• _PROBLEM DETAILS_
Identify all lines below that hold "source" and collect them.
### GIVEN DATA ###
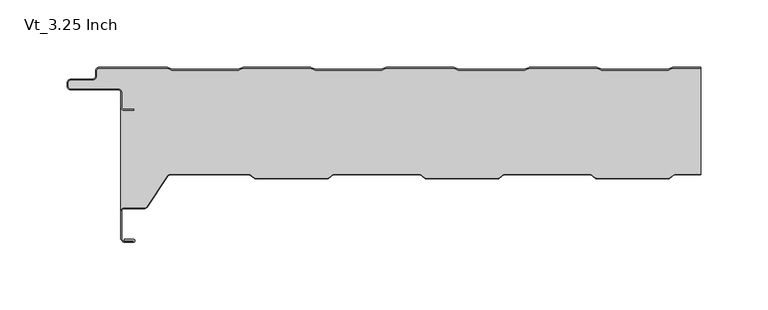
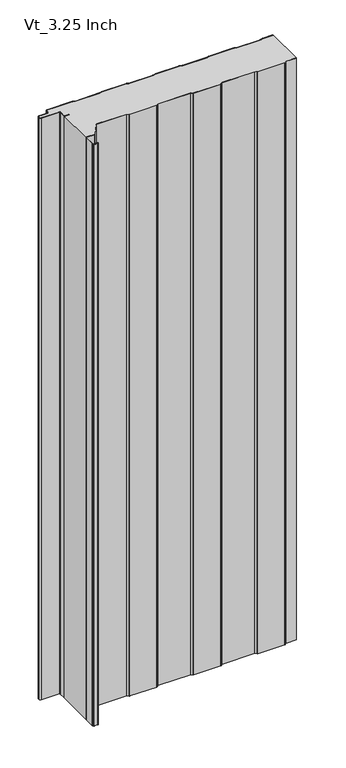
"""IFC4 building model written with IfcOpenShell, lengths in millimetres: plate geometry, KIP_R19_CP_KingSeam_Vt_Roof Panel : Vt_3.25 Inch."""

from ifc_helpers import new_model, si_unit, point, frame_2d, origin, origin_with_axes, place, context, project, spatial, polyline, circle_curve, trimmed, segment, composite_curve, outline, extrude, source, transform, mapped, element, save


def vt_3_25_inch_0b0972e9(model_context):
    return source(origin(), model_context, "Body", "SweptSolid", [
        extrude(outline(composite_curve([segment(trimmed(circle_curve(frame_2d((-213.9200605, -30.0)), 2.0), [point((-213.9200605, -32.0))], [point((-215.9200605, -30.0))], False, "CARTESIAN"), True, "CONTINUOUS"), segment(polyline([(-215.9200605, -30.0), (-215.9200605, -18.5)]), True, "CONTINUOUS"), segment(trimmed(circle_curve(frame_2d((-217.4200605, -18.5)), 1.5), [point((-215.9200605, -18.5))], [point((-217.4200605, -17.0))], True, "CARTESIAN"), True, "CONTINUOUS"), segment(polyline([(-217.4200605, -17.0), (-252.9200605, -17.0)]), True, "CONTINUOUS"), segment(trimmed(circle_curve(frame_2d((-252.9200605, -14.0)), 3.0), [point((-252.9200605, -17.0))], [point((-255.9200605, -14.0))], False, "CARTESIAN"), True, "CONTINUOUS"), segment(polyline([(-255.9200605, -14.0), (-255.9200605, -12.0)]), True, "CONTINUOUS"), segment(trimmed(circle_curve(frame_2d((-252.9200605, -12.0)), 3.0), [point((-255.9200605, -12.0))], [point((-252.9200605, -9.0))], False, "CARTESIAN"), True, "CONTINUOUS"), segment(polyline([(-252.9200605, -9.0), (-237.2042607, -9.0)]), True, "CONTINUOUS"), segment(trimmed(circle_curve(frame_2d((-237.2042607, -6.5)), 2.5), [point((-237.2042607, -9.0))], [point((-234.7042607, -6.5))], True, "CARTESIAN"), True, "CONTINUOUS"), segment(polyline([(-234.7042607, -6.5), (-234.7042607, -3.0)]), True, "CONTINUOUS"), segment(trimmed(circle_curve(frame_2d((-231.7042607, -3.0)), 3.0), [point((-234.7042607, -3.0))], [point((-231.7042607, 0.0))], False, "CARTESIAN"), True, "CONTINUOUS"), segment(polyline([(-231.7042607, 0.0), (-181.9469381, 0.0)]), True, "CONTINUOUS"), segment(trimmed(circle_curve(frame_2d((-181.9469381, -3.2)), 3.2), [point((-181.9469381, 0.0))], [point((-180.677843, -0.2624164))], False, "CARTESIAN"), True, "CONTINUOUS"), segment(polyline([(-180.677843, -0.2624164), (-178.2877438, -1.2949872)]), True, "CONTINUOUS"), segment(trimmed(circle_curve(frame_2d((-177.2962632, 1.0)), 2.5), [point((-178.2877438, -1.2949872))], [point((-177.2962632, -1.5))], True, "CARTESIAN"), True, "CONTINUOUS"), segment(polyline([(-177.2962632, -1.5), (-128.9122581, -1.5)]), True, "CONTINUOUS"), segment(trimmed(circle_curve(frame_2d((-128.9122581, 1.0)), 2.5), [point((-128.9122581, -1.5))], [point((-127.9207775, -1.2949872))], True, "CARTESIAN"), True, "CONTINUOUS"), segment(polyline([(-127.9207775, -1.2949872), (-125.5306783, -0.2624164)]), True, "CONTINUOUS"), segment(trimmed(circle_curve(frame_2d((-124.2615832, -3.2)), 3.2), [point((-125.5306783, -0.2624164))], [point((-124.2615832, 0.0))], False, "CARTESIAN"), True, "CONTINUOUS"), segment(polyline([(-124.2615832, 0.0), (-75.3469381, 0.0)]), True, "CONTINUOUS"), segment(trimmed(circle_curve(frame_2d((-75.3469381, -3.2)), 3.2), [point((-75.3469381, 0.0))], [point((-74.077843, -0.2624164))], False, "CARTESIAN"), True, "CONTINUOUS"), segment(polyline([(-74.077843, -0.2624164), (-71.6877438, -1.2949872)]), True, "CONTINUOUS"), segment(trimmed(circle_curve(frame_2d((-70.6962632, 1.0)), 2.5), [point((-71.6877438, -1.2949872))], [point((-70.6962632, -1.5))], True, "CARTESIAN"), True, "CONTINUOUS"), segment(polyline([(-70.6962632, -1.5), (-22.3122581, -1.5)]), True, "CONTINUOUS"), segment(trimmed(circle_curve(frame_2d((-22.3122581, 1.0)), 2.5), [point((-22.3122581, -1.5))], [point((-21.3207775, -1.2949872))], True, "CARTESIAN"), True, "CONTINUOUS"), segment(polyline([(-21.3207775, -1.2949872), (-18.9306783, -0.2624164)]), True, "CONTINUOUS"), segment(trimmed(circle_curve(frame_2d((-17.6615832, -3.2)), 3.2), [point((-18.9306783, -0.2624164))], [point((-17.6615832, 0.0))], False, "CARTESIAN"), True, "CONTINUOUS"), segment(polyline([(-17.6615832, 0.0), (31.2530619, 0.0)]), True, "CONTINUOUS"), segment(trimmed(circle_curve(frame_2d((31.2530619, -3.2)), 3.2), [point((31.2530619, 0.0))], [point((32.522157, -0.2624164))], False, "CARTESIAN"), True, "CONTINUOUS"), segment(polyline([(32.522157, -0.2624164), (34.9122562, -1.2949872)]), True, "CONTINUOUS"), segment(trimmed(circle_curve(frame_2d((35.9037368, 1.0)), 2.5), [point((34.9122562, -1.2949872))], [point((35.9037368, -1.5))], True, "CARTESIAN"), True, "CONTINUOUS"), segment(polyline([(35.9037368, -1.5), (84.2877419, -1.5)]), True, "CONTINUOUS"), segment(trimmed(circle_curve(frame_2d((84.2877419, 1.0)), 2.5), [point((84.2877419, -1.5))], [point((85.2792225, -1.2949872))], True, "CARTESIAN"), True, "CONTINUOUS"), segment(polyline([(85.2792225, -1.2949872), (87.6693217, -0.2624164)]), True, "CONTINUOUS"), segment(trimmed(circle_curve(frame_2d((88.9384168, -3.2)), 3.2), [point((87.6693217, -0.2624164))], [point((88.9384168, 0.0))], False, "CARTESIAN"), True, "CONTINUOUS"), segment(polyline([(88.9384168, 0.0), (137.8530619, 0.0)]), True, "CONTINUOUS"), segment(trimmed(circle_curve(frame_2d((137.8530619, -3.2)), 3.2), [point((137.8530619, 0.0))], [point((139.122157, -0.2624164))], False, "CARTESIAN"), True, "CONTINUOUS"), segment(polyline([(139.122157, -0.2624164), (141.5122562, -1.2949872)]), True, "CONTINUOUS"), segment(trimmed(circle_curve(frame_2d((142.5037368, 1.0)), 2.5), [point((141.5122562, -1.2949872))], [point((142.5037368, -1.5))], True, "CARTESIAN"), True, "CONTINUOUS"), segment(polyline([(142.5037368, -1.5), (190.8877419, -1.5)]), True, "CONTINUOUS"), segment(trimmed(circle_curve(frame_2d((190.8877419, 1.0)), 2.5), [point((190.8877419, -1.5))], [point((191.8792225, -1.2949872))], True, "CARTESIAN"), True, "CONTINUOUS"), segment(polyline([(191.8792225, -1.2949872), (194.2693217, -0.2624164)]), True, "CONTINUOUS"), segment(trimmed(circle_curve(frame_2d((195.5384168, -3.2)), 3.2), [point((194.2693217, -0.2624164))], [point((195.5384168, 0.0))], False, "CARTESIAN"), True, "CONTINUOUS"), segment(polyline([(195.5384168, 0.0), (215.9042607, 0.0), (215.9042607, -0.8), (195.5384168, -0.8)]), True, "CONTINUOUS"), segment(trimmed(circle_curve(frame_2d((195.5384168, -3.2)), 2.4), [point((195.5384168, -0.8))], [point((194.5865954, -0.9968123))], True, "CARTESIAN"), True, "CONTINUOUS"), segment(polyline([(194.5865954, -0.9968123), (192.1964962, -2.0293831)]), True, "CONTINUOUS"), segment(trimmed(circle_curve(frame_2d((190.8877419, 1.0)), 3.3), [point((192.1964962, -2.0293831))], [point((190.8877419, -2.3))], False, "CARTESIAN"), True, "CONTINUOUS"), segment(polyline([(190.8877419, -2.3), (142.5037368, -2.3)]), True, "CONTINUOUS"), segment(trimmed(circle_curve(frame_2d((142.5037368, 1.0)), 3.3), [point((142.5037368, -2.3))], [point((141.1949824, -2.0293831))], False, "CARTESIAN"), True, "CONTINUOUS"), segment(polyline([(141.1949824, -2.0293831), (138.8048832, -0.9968123)]), True, "CONTINUOUS"), segment(trimmed(circle_curve(frame_2d((137.8530619, -3.2)), 2.4), [point((138.8048832, -0.9968123))], [point((137.8530619, -0.8))], True, "CARTESIAN"), True, "CONTINUOUS"), segment(polyline([(137.8530619, -0.8), (88.9384168, -0.8)]), True, "CONTINUOUS"), segment(trimmed(circle_curve(frame_2d((88.9384168, -3.2)), 2.4), [point((88.9384168, -0.8))], [point((87.9865954, -0.9968123))], True, "CARTESIAN"), True, "CONTINUOUS"), segment(polyline([(87.9865954, -0.9968123), (85.5964962, -2.0293831)]), True, "CONTINUOUS"), segment(trimmed(circle_curve(frame_2d((84.2877419, 1.0)), 3.3), [point((85.5964962, -2.0293831))], [point((84.2877419, -2.3))], False, "CARTESIAN"), True, "CONTINUOUS"), segment(polyline([(84.2877419, -2.3), (35.9037368, -2.3)]), True, "CONTINUOUS"), segment(trimmed(circle_curve(frame_2d((35.9037368, 1.0)), 3.3), [point((35.9037368, -2.3))], [point((34.5949824, -2.0293831))], False, "CARTESIAN"), True, "CONTINUOUS"), segment(polyline([(34.5949824, -2.0293831), (32.2048832, -0.9968123)]), True, "CONTINUOUS"), segment(trimmed(circle_curve(frame_2d((31.2530619, -3.2)), 2.4), [point((32.2048832, -0.9968123))], [point((31.2530619, -0.8))], True, "CARTESIAN"), True, "CONTINUOUS"), segment(polyline([(31.2530619, -0.8), (-17.6615832, -0.8)]), True, "CONTINUOUS"), segment(trimmed(circle_curve(frame_2d((-17.6615832, -3.2)), 2.4), [point((-17.6615832, -0.8))], [point((-18.6134046, -0.9968123))], True, "CARTESIAN"), True, "CONTINUOUS"), segment(polyline([(-18.6134046, -0.9968123), (-21.0035038, -2.0293831)]), True, "CONTINUOUS"), segment(trimmed(circle_curve(frame_2d((-22.3122581, 1.0)), 3.3), [point((-21.0035038, -2.0293831))], [point((-22.3122581, -2.3))], False, "CARTESIAN"), True, "CONTINUOUS"), segment(polyline([(-22.3122581, -2.3), (-70.6962632, -2.3)]), True, "CONTINUOUS"), segment(trimmed(circle_curve(frame_2d((-70.6962632, 1.0)), 3.3), [point((-70.6962632, -2.3))], [point((-72.0050176, -2.0293831))], False, "CARTESIAN"), True, "CONTINUOUS"), segment(polyline([(-72.0050176, -2.0293831), (-74.3951168, -0.9968123)]), True, "CONTINUOUS"), segment(trimmed(circle_curve(frame_2d((-75.3469381, -3.2)), 2.4), [point((-74.3951168, -0.9968123))], [point((-75.3469381, -0.8))], True, "CARTESIAN"), True, "CONTINUOUS"), segment(polyline([(-75.3469381, -0.8), (-124.2615832, -0.8)]), True, "CONTINUOUS"), segment(trimmed(circle_curve(frame_2d((-124.2615832, -3.2)), 2.4), [point((-124.2615832, -0.8))], [point((-125.2134046, -0.9968123))], True, "CARTESIAN"), True, "CONTINUOUS"), segment(polyline([(-125.2134046, -0.9968123), (-127.6035038, -2.0293831)]), True, "CONTINUOUS"), segment(trimmed(circle_curve(frame_2d((-128.9122581, 1.0)), 3.3), [point((-127.6035038, -2.0293831))], [point((-128.9122581, -2.3))], False, "CARTESIAN"), True, "CONTINUOUS"), segment(polyline([(-128.9122581, -2.3), (-177.2962632, -2.3)]), True, "CONTINUOUS"), segment(trimmed(circle_curve(frame_2d((-177.2962632, 1.0)), 3.3), [point((-177.2962632, -2.3))], [point((-178.6050176, -2.0293831))], False, "CARTESIAN"), True, "CONTINUOUS"), segment(polyline([(-178.6050176, -2.0293831), (-180.9951168, -0.9968123)]), True, "CONTINUOUS"), segment(trimmed(circle_curve(frame_2d((-181.9469381, -3.2)), 2.4), [point((-180.9951168, -0.9968123))], [point((-181.9469381, -0.8))], True, "CARTESIAN"), True, "CONTINUOUS"), segment(polyline([(-181.9469381, -0.8), (-231.7042607, -0.8)]), True, "CONTINUOUS"), segment(trimmed(circle_curve(frame_2d((-232.1480113, -2.8161925)), 2.0644483), [point((-231.7042607, -0.8))], [point((-234.2042607, -3.0))], True, "CARTESIAN"), True, "CONTINUOUS"), segment(polyline([(-234.2042607, -3.0), (-234.2042607, -6.5)]), True, "CONTINUOUS"), segment(trimmed(circle_curve(frame_2d((-237.2042607, -6.5)), 3.0), [point((-234.2042607, -6.5))], [point((-237.2042607, -9.5))], False, "CARTESIAN"), True, "CONTINUOUS"), segment(polyline([(-237.2042607, -9.5), (-252.9200605, -9.5)]), True, "CONTINUOUS"), segment(trimmed(circle_curve(frame_2d((-252.9200605, -12.0)), 2.5), [point((-252.9200605, -9.5))], [point((-255.4200605, -12.0))], True, "CARTESIAN"), True, "CONTINUOUS"), segment(polyline([(-255.4200605, -12.0), (-255.4200605, -14.0)]), True, "CONTINUOUS"), segment(trimmed(circle_curve(frame_2d((-252.9200605, -14.0)), 2.5), [point((-255.4200605, -14.0))], [point((-252.9200605, -16.5))], True, "CARTESIAN"), True, "CONTINUOUS"), segment(polyline([(-252.9200605, -16.5), (-217.4200605, -16.5)]), True, "CONTINUOUS"), segment(trimmed(circle_curve(frame_2d((-217.4200605, -18.5)), 2.0), [point((-217.4200605, -16.5))], [point((-215.4200605, -18.5))], False, "CARTESIAN"), True, "CONTINUOUS"), segment(polyline([(-215.4200605, -18.5), (-215.4200605, -29.7)]), True, "CONTINUOUS"), segment(trimmed(circle_curve(frame_2d((-213.9200605, -29.7)), 1.5), [point((-215.4200605, -29.7))], [point((-213.9200605, -31.2))], True, "CARTESIAN"), True, "CONTINUOUS"), segment(polyline([(-213.9200605, -31.2), (-206.4200605, -31.2), (-206.4200605, -32.0), (-213.9200605, -32.0)]), True, "CONTINUOUS")], self_intersect=False)), origin_with_axes(), (0.0, 0.0, 1.0), 1219.2),
        extrude(outline(composite_curve([segment(polyline([(195.5542167, -0.7999994), (215.9042607, -0.7999994), (215.9042607, -79.7658809), (196.3089613, -79.7658809), (192.849266, -82.2658093)]), True, "CONTINUOUS"), segment(trimmed(circle_curve(frame_2d((191.9707393, -81.0500006)), 1.4999999), [point((192.849266, -82.2658093))], [point((191.9707393, -82.5500006))], False, "CARTESIAN"), True, "CONTINUOUS"), segment(polyline([(191.9707393, -82.5500006), (138.2207394, -82.5500006)]), True, "CONTINUOUS"), segment(trimmed(circle_curve(frame_2d((138.2207394, -81.0500005)), 1.5000001), [point((138.2207394, -82.5500006))], [point((137.3422125, -82.2658092))], False, "CARTESIAN"), True, "CONTINUOUS"), segment(polyline([(137.3422125, -82.2658092), (133.8825178, -79.7658809), (69.3089613, -79.7658809), (65.8492658, -82.2658092)]), True, "CONTINUOUS"), segment(trimmed(circle_curve(frame_2d((64.9707393, -81.0500006)), 1.4999997), [point((65.8492658, -82.2658092))], [point((64.9707393, -82.5500004))], False, "CARTESIAN"), True, "CONTINUOUS"), segment(polyline([(64.9707393, -82.5500004), (11.2207394, -82.5500004)]), True, "CONTINUOUS"), segment(trimmed(circle_curve(frame_2d((11.2207394, -81.0500003)), 1.5000001), [point((11.2207394, -82.5500004))], [point((10.3422125, -82.265809))], False, "CARTESIAN"), True, "CONTINUOUS"), segment(polyline([(10.3422125, -82.265809), (6.8825178, -79.7658807), (-57.6910391, -79.7658807), (-61.1507337, -82.265809)]), True, "CONTINUOUS"), segment(trimmed(circle_curve(frame_2d((-62.0292606, -81.0500001)), 1.5000002), [point((-61.1507337, -82.265809))], [point((-62.0292606, -82.5500003))], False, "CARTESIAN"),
###
• _RESPONSE FOR THIS EXERCISE_
from ifc_helpers import new_model, si_unit, point, frame_2d, origin, origin_with_axes, place, context, project, spatial, polyline, circle_curve, trimmed, segment, composite_curve, outline, extrude, source, transform, mapped, element, save
    return source(origin(), model_context, "Body", "SweptSolid", [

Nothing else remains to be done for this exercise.